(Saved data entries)
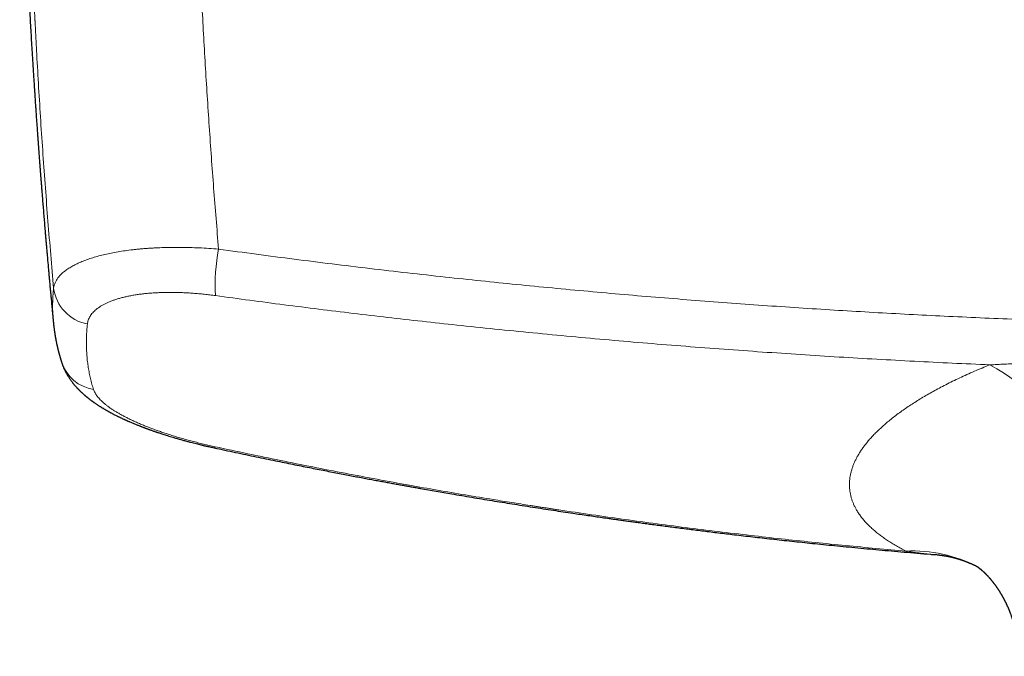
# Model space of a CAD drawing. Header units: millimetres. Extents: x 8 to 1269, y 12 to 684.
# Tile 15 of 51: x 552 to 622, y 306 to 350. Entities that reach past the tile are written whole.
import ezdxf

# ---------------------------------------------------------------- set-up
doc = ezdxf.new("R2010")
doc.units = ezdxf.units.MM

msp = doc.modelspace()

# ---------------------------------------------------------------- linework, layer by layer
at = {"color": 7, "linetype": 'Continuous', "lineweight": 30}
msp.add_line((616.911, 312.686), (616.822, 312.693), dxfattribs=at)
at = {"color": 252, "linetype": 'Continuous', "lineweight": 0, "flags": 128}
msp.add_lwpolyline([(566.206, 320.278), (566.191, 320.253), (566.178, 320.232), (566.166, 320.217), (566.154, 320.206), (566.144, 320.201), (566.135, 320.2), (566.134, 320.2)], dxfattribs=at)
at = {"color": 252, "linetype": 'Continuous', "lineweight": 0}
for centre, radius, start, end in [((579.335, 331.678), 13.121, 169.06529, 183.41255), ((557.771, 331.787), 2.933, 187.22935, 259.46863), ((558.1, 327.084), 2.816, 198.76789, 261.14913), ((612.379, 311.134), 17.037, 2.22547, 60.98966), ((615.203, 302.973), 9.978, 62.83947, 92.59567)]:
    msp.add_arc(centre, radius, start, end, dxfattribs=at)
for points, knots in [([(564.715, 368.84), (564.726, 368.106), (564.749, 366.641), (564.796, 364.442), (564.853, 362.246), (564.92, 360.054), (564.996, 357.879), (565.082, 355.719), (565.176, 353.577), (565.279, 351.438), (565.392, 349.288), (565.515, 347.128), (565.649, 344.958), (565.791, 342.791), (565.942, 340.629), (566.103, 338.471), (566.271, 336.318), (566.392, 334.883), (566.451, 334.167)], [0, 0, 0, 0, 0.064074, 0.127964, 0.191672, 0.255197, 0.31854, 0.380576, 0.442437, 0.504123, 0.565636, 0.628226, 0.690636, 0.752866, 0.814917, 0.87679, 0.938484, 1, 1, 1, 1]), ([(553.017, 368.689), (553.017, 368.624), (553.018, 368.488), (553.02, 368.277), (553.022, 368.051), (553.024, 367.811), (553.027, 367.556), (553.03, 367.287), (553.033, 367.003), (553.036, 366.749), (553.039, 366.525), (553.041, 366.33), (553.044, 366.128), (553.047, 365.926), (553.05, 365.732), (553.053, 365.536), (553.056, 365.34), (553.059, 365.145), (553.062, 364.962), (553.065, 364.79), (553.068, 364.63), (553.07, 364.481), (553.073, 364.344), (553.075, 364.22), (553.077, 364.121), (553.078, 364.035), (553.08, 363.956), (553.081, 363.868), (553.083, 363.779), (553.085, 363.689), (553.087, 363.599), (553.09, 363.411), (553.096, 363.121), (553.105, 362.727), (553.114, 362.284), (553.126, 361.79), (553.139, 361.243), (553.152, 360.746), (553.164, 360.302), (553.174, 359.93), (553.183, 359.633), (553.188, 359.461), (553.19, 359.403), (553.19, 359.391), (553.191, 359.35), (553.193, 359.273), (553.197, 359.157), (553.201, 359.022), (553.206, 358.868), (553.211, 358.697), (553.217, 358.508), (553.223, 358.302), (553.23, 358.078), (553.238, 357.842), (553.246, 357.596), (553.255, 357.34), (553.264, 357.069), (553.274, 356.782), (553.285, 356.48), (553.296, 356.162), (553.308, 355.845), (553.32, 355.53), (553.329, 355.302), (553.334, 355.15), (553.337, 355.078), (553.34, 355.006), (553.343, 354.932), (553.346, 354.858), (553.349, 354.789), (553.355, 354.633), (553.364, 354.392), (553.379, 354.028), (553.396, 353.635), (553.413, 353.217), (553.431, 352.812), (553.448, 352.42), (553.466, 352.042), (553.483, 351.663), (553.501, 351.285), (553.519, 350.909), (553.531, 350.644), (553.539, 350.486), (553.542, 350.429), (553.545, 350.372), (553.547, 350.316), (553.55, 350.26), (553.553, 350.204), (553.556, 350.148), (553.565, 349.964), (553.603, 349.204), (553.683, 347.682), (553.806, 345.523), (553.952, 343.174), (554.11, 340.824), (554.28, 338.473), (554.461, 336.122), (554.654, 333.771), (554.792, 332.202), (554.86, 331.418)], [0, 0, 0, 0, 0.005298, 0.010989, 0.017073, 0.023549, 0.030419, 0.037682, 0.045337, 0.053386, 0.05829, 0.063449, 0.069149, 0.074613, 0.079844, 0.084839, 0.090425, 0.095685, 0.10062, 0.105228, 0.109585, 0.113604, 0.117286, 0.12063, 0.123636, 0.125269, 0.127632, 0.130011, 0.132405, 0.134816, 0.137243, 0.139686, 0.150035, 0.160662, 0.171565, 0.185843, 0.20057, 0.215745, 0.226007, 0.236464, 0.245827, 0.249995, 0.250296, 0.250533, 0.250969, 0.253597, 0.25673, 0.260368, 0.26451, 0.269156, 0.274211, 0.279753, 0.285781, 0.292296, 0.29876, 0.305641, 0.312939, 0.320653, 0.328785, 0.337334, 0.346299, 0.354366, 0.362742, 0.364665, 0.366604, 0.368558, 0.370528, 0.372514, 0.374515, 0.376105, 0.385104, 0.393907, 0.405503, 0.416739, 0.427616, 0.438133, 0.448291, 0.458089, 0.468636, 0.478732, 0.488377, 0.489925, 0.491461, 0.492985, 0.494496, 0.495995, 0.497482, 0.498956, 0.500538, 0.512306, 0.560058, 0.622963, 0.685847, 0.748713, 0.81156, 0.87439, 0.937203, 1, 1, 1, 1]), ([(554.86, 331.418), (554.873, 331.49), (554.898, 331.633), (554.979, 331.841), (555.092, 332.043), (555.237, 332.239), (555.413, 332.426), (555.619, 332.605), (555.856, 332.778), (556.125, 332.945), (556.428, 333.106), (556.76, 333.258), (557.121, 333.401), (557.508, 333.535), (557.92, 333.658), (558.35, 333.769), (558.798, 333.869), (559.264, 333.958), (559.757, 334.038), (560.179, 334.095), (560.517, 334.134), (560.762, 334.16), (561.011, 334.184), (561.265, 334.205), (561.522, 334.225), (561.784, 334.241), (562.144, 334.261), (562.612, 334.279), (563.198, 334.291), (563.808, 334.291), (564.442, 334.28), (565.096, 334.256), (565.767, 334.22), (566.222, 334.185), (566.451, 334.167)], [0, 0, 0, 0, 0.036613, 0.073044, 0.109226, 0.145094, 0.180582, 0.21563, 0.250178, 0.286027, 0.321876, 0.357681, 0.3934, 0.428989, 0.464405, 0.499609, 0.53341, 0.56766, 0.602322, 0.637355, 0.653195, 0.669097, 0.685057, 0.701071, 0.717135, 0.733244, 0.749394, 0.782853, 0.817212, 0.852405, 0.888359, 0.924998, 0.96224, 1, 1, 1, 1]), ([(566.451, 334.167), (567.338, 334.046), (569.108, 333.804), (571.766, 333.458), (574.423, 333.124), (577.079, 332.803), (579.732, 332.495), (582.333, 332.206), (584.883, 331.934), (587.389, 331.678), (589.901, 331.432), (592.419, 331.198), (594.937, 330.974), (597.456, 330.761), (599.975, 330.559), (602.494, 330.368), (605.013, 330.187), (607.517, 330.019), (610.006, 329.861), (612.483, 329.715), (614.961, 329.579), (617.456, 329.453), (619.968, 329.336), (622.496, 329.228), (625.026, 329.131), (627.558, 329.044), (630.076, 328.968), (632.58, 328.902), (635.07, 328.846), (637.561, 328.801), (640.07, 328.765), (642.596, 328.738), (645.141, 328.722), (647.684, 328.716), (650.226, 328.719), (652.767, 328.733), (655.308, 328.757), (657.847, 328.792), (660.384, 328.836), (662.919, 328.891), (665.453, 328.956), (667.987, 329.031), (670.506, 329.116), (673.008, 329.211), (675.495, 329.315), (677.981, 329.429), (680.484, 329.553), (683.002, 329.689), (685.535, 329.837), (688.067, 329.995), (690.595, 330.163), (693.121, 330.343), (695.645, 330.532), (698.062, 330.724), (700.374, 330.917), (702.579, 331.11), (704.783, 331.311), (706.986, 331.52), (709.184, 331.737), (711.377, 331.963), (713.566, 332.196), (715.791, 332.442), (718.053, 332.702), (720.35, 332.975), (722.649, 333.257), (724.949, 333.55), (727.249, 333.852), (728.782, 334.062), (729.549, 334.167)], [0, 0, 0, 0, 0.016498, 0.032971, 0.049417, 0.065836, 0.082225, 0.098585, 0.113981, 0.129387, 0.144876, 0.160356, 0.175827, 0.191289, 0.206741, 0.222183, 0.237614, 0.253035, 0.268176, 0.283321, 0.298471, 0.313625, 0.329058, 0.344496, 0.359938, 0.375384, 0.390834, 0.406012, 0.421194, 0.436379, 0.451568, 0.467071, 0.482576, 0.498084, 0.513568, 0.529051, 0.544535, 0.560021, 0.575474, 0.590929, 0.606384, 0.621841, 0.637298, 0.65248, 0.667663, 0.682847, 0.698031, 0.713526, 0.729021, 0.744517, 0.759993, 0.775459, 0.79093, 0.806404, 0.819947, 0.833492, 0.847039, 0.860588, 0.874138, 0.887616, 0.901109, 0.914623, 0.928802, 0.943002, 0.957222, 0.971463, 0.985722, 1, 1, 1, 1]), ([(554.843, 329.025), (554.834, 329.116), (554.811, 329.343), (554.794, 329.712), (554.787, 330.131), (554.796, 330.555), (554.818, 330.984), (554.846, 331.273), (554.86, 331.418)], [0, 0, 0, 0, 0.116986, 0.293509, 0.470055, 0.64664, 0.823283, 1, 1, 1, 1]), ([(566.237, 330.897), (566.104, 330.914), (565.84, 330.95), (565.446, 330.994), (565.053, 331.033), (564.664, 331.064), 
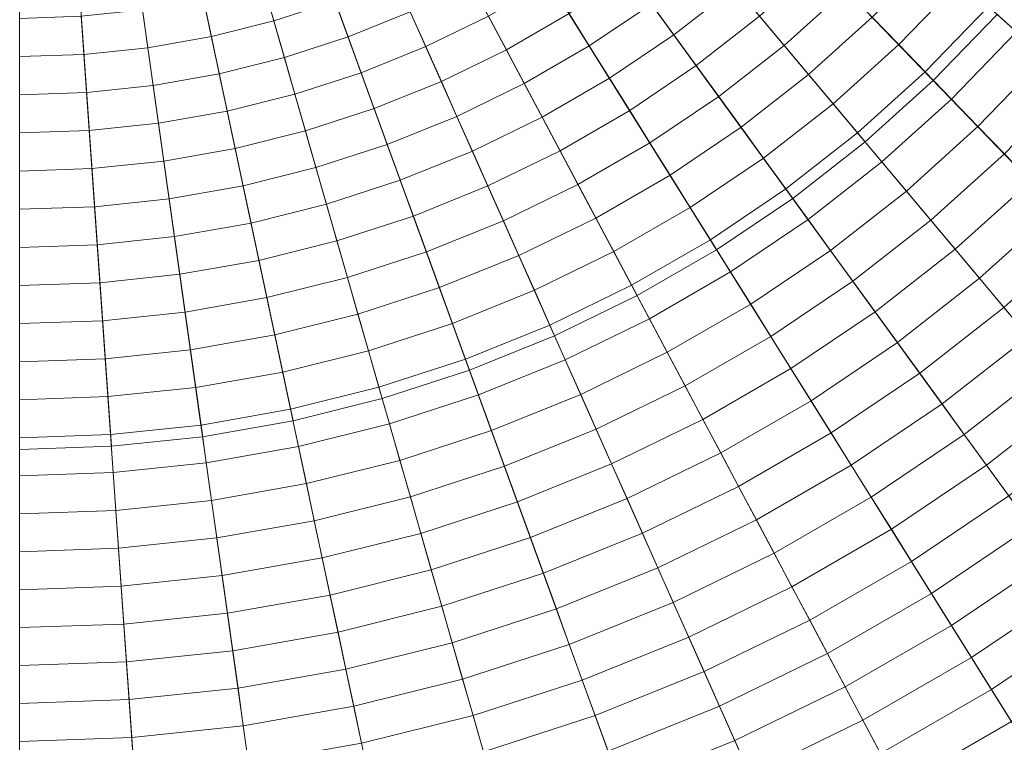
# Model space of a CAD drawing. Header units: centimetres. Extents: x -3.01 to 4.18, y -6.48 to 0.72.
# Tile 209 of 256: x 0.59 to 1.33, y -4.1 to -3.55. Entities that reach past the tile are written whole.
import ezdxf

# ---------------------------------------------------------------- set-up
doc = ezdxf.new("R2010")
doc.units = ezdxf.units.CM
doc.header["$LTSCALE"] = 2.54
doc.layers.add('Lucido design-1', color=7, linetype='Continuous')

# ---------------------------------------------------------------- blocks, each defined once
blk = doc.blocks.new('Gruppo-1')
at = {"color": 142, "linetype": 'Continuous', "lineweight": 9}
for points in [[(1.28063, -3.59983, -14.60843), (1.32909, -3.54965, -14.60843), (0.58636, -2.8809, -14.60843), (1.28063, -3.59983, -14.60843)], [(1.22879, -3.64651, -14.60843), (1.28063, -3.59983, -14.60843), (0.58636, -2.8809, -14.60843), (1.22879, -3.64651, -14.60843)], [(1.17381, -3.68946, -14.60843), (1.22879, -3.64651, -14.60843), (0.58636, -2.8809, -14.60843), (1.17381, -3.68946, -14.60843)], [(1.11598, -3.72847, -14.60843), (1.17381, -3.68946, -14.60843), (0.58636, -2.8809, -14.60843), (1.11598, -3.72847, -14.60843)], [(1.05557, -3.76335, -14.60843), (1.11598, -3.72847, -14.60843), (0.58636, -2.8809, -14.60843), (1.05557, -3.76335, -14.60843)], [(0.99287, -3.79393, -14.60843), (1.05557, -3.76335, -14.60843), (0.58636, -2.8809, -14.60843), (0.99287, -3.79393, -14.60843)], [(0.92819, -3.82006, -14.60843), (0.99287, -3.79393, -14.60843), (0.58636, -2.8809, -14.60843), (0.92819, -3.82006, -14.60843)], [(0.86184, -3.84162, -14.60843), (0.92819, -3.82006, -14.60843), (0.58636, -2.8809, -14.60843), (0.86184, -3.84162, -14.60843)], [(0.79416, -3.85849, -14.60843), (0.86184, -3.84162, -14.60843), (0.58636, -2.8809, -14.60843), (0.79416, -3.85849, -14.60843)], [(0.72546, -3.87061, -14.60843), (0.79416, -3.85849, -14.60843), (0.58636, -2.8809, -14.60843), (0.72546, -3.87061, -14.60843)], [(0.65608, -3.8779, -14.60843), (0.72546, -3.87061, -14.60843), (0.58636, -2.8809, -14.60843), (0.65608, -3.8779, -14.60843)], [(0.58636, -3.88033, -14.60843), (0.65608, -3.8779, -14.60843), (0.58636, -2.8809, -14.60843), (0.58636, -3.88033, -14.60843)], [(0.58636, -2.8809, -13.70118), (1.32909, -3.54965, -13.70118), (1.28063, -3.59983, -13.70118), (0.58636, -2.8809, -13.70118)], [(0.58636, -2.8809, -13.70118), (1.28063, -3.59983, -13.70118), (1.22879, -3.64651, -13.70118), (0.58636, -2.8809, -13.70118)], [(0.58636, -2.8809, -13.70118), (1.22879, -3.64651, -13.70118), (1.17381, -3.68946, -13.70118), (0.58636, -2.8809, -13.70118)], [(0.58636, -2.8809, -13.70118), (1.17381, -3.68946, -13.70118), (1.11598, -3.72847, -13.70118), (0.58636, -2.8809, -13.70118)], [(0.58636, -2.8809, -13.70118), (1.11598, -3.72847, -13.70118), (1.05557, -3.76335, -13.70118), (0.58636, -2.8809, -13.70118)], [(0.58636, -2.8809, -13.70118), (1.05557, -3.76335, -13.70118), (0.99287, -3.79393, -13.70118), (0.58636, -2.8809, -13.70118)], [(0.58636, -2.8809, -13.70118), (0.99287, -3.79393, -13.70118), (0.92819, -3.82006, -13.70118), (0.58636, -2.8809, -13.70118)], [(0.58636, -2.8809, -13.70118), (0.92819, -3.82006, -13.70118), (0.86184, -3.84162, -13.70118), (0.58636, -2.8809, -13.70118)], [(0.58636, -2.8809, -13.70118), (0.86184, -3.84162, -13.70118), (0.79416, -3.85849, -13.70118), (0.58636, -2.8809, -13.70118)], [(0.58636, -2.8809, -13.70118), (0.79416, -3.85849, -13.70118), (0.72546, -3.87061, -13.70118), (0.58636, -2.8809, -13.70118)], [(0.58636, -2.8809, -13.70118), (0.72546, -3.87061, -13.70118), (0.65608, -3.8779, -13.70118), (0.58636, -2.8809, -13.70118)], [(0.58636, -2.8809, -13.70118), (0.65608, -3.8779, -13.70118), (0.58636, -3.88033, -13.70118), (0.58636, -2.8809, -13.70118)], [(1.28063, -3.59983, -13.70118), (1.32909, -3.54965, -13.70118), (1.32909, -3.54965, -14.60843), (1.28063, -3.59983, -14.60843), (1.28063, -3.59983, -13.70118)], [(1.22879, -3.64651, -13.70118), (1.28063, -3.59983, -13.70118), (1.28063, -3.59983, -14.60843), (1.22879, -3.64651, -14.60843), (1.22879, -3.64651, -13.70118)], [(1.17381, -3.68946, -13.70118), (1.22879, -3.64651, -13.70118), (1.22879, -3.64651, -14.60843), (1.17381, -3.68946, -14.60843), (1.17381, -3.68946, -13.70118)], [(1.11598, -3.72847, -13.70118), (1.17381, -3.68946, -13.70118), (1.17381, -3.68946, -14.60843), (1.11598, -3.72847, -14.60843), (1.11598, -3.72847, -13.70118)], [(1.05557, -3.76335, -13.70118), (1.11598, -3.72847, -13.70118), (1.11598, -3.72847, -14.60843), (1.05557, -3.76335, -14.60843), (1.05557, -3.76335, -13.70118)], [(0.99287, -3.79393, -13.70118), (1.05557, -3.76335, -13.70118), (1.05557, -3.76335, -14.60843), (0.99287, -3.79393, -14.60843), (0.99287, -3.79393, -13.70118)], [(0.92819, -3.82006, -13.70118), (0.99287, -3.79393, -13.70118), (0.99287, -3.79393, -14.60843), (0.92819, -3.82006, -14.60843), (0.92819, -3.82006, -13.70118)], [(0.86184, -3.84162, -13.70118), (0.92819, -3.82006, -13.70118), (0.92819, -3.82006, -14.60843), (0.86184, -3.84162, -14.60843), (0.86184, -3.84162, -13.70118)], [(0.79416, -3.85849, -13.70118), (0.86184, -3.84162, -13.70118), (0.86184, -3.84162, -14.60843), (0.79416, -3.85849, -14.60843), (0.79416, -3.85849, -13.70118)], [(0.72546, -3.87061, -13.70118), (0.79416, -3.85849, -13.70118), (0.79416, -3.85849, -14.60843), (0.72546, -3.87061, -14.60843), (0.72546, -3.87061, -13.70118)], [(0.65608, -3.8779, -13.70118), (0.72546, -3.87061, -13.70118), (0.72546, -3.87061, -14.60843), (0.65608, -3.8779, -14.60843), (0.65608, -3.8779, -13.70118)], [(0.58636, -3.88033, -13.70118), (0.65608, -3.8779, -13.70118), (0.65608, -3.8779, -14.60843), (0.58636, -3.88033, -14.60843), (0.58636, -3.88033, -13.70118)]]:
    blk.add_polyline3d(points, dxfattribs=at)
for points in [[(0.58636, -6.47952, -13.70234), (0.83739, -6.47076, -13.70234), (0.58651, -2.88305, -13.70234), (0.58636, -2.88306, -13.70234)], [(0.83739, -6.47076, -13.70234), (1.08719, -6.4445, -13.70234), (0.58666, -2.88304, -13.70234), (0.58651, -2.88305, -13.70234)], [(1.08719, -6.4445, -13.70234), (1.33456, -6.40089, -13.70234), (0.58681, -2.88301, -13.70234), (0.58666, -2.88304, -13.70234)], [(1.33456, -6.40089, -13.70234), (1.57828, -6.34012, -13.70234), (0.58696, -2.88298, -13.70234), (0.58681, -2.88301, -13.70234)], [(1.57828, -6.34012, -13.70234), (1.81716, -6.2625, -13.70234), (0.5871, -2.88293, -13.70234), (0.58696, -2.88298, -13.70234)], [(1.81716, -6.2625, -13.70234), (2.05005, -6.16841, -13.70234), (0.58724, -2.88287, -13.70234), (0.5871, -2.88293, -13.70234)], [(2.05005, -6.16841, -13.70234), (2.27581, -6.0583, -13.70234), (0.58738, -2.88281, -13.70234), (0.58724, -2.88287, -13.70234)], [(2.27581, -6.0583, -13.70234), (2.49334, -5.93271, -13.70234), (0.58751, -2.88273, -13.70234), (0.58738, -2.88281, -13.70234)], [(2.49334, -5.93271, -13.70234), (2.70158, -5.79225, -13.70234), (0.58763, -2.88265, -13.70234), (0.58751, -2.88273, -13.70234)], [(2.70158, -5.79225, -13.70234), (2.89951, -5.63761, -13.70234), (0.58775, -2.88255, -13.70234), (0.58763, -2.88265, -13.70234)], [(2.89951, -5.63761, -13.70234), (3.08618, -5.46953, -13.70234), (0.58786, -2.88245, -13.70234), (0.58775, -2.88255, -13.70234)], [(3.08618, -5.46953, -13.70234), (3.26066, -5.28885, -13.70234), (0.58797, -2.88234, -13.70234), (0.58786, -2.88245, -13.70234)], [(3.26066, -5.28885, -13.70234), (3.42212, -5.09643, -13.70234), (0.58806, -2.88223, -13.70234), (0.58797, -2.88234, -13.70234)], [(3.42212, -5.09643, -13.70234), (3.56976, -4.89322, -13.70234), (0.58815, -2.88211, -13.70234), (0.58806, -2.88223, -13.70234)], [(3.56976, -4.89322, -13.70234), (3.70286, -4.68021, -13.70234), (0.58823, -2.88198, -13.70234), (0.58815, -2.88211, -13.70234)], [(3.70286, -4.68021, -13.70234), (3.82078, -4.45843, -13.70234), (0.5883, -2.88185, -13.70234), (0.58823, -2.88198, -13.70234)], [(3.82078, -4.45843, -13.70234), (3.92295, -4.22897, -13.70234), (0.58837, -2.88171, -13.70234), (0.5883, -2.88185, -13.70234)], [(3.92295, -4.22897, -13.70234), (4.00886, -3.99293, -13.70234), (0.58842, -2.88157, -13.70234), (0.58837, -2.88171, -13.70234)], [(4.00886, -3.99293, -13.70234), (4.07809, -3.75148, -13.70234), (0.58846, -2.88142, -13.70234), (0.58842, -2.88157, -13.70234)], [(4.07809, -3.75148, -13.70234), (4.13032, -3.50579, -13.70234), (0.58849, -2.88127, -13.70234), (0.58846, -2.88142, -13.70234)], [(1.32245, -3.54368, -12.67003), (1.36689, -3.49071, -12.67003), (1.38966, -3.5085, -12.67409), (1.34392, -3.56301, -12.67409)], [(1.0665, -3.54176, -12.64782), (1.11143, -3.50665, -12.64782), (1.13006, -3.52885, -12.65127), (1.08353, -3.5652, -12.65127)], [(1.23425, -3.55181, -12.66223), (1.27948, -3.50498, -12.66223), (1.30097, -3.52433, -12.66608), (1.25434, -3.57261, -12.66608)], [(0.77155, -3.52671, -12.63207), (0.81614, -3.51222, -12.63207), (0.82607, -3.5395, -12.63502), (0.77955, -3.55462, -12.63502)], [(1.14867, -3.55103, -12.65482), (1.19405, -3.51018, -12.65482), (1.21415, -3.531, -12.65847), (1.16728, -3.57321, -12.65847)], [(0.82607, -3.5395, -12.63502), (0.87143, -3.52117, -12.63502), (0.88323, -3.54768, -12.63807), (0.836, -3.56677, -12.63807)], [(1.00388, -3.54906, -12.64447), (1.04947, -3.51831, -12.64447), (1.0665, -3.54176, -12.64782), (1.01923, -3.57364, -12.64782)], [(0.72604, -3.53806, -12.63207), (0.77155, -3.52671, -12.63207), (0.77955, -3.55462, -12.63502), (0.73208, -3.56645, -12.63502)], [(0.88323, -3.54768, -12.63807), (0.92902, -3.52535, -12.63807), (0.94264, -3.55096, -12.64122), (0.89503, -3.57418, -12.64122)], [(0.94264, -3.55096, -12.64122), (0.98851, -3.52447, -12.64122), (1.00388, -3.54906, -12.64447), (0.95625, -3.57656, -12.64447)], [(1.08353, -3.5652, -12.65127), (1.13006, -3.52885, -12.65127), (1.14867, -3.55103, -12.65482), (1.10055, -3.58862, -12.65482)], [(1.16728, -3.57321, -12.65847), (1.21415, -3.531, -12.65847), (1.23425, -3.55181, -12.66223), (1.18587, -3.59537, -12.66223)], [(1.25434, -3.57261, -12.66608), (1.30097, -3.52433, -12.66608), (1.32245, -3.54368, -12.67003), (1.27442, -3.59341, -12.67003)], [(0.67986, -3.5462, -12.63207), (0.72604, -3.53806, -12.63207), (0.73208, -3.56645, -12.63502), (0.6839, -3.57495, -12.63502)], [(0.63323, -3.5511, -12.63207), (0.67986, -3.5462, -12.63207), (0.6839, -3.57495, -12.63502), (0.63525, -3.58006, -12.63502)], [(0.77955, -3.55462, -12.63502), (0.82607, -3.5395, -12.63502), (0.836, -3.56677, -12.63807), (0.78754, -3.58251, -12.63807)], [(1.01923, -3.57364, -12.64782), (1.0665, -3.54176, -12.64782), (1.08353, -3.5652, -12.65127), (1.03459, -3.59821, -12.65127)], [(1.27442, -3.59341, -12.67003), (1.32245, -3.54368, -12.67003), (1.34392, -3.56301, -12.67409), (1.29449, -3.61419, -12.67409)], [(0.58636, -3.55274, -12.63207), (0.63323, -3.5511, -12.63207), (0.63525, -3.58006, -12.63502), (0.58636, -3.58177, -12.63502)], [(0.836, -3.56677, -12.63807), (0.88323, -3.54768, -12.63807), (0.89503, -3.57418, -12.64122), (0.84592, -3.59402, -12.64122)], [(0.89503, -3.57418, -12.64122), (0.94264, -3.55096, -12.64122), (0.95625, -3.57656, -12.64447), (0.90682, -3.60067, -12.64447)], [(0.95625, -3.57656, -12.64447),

=== WHAT THE TASK ASKS ===
Work out how many lines in the data hold the word "reach"; reply with the number alone.

=== ANSWER FOR THIS EXERCISE ===
2